A strong M & E system will reveal that community governance structures have been strengthened and that community ownership and accountability of health systems has increased, thereby translating policies and numbers into confirming concrete changes.
Beyond the Numbers: Unpacking the HSCL HIV RADET File
Health and development Programs generally thrive on numbers—numbers of facilities supported, of people tested for HIV, of people initiated on ART, and of people retained on ART, the viral load sample collection rate, the CD4 Counts report, the number of adolescents enrolled in OTZ, the number of pregnant women who attended ANC and were tested, the partners elicited and tested etc.
The numbers seem unending and the responsibility to report across different platforms and sometimes on high frequency reporting rates appear to drown the real work and mask every work of M & E into just a game of numbers. However, there is more to these numbers. Behind these numbers are real human beings, a story changed!
The beauty of a good M & E system is in the continuity tracking. It is not just the number of clients tested and initiated on ART, but the retention process, the adherence, and the clinical monitoring for viral suppression. M & E sees through that with the numbers!
The M & E system follows the clients on a program through the continuum of care, blow alarms when a client is lost to follow-up, and sounds the gong, especially when innovations like the DSD models and community-based refills makes a difference.
The HSCL ACE 3 RADET File does not just show the numbers; it shows the how, when, why and what’s next on the numbers. Rather than build a system that simply reports numbers, M & E unit empowers the system to show the impact on the numbers.
In this moment when project funding is scarce, projects can only gain the trust of funders and governments by demonstrating that the numbers reported are real, sustainable, and worth scaling up. Until this is done, HIV programs risk drowning in endless numbers reporting. The lesson is the same: without deeper measurements, numbers mislead.
From Training Certificates to Changed Practice
In health development, M & E systems should measure wholesomely indices to reflect impact, namely: health seeking behaviours, healthy lifestyle adoption rates, improved care-seeking patterns, and reduction in incidence rate. These are indicators of real community transformation and impact—measures of improved health security.
M & E systems should go beyond counting the number of training participants to measuring application of knowledge gained through such training, the retention of knowledge gained from the training and its impact on service delivery for healthcare providers.
If M & E measures only the number of healthcare providers trained, or the number of training participant eligible to be given a certificate, then the project is as good as dead.
A robust M & E system should show that after the project or training has ended, the trained healthcare providers are still applying the skills learnt. There would be no need for fresh training for healthcare providers on handwashing in 2025 if the system monitored the impact of similar training in 2019. When the M & E system focuses on measuring real impacts, investments on projects become systemic.

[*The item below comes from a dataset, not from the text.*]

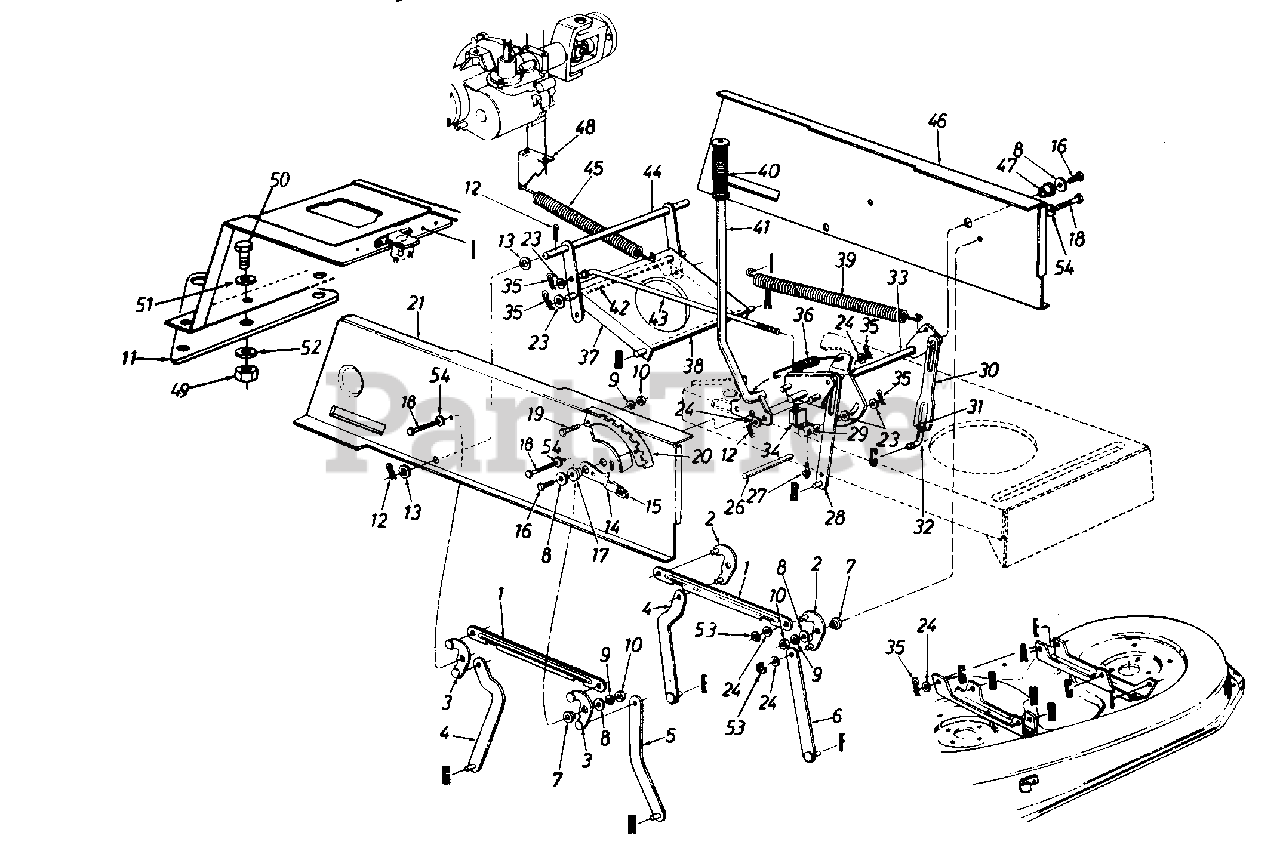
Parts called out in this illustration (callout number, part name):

With the recent funding cuts, especially from the U.S government, the health and development landscape in Nigeria and many parts of the world faces harsh times. It has become the survival of the fittest. If funders must be convinced that there are positive returns on their investments, M & E systems must be responsive enough to give details on the process and sustainability milestones of such projects. M & E should be able to tell the story of change and improvement in health outcomes from these projects.
When M & E counts what truly counts, it stops being a mere compliance tool and becomes a functional engine room for projects. It ensures that when the funding ends, the impact does not.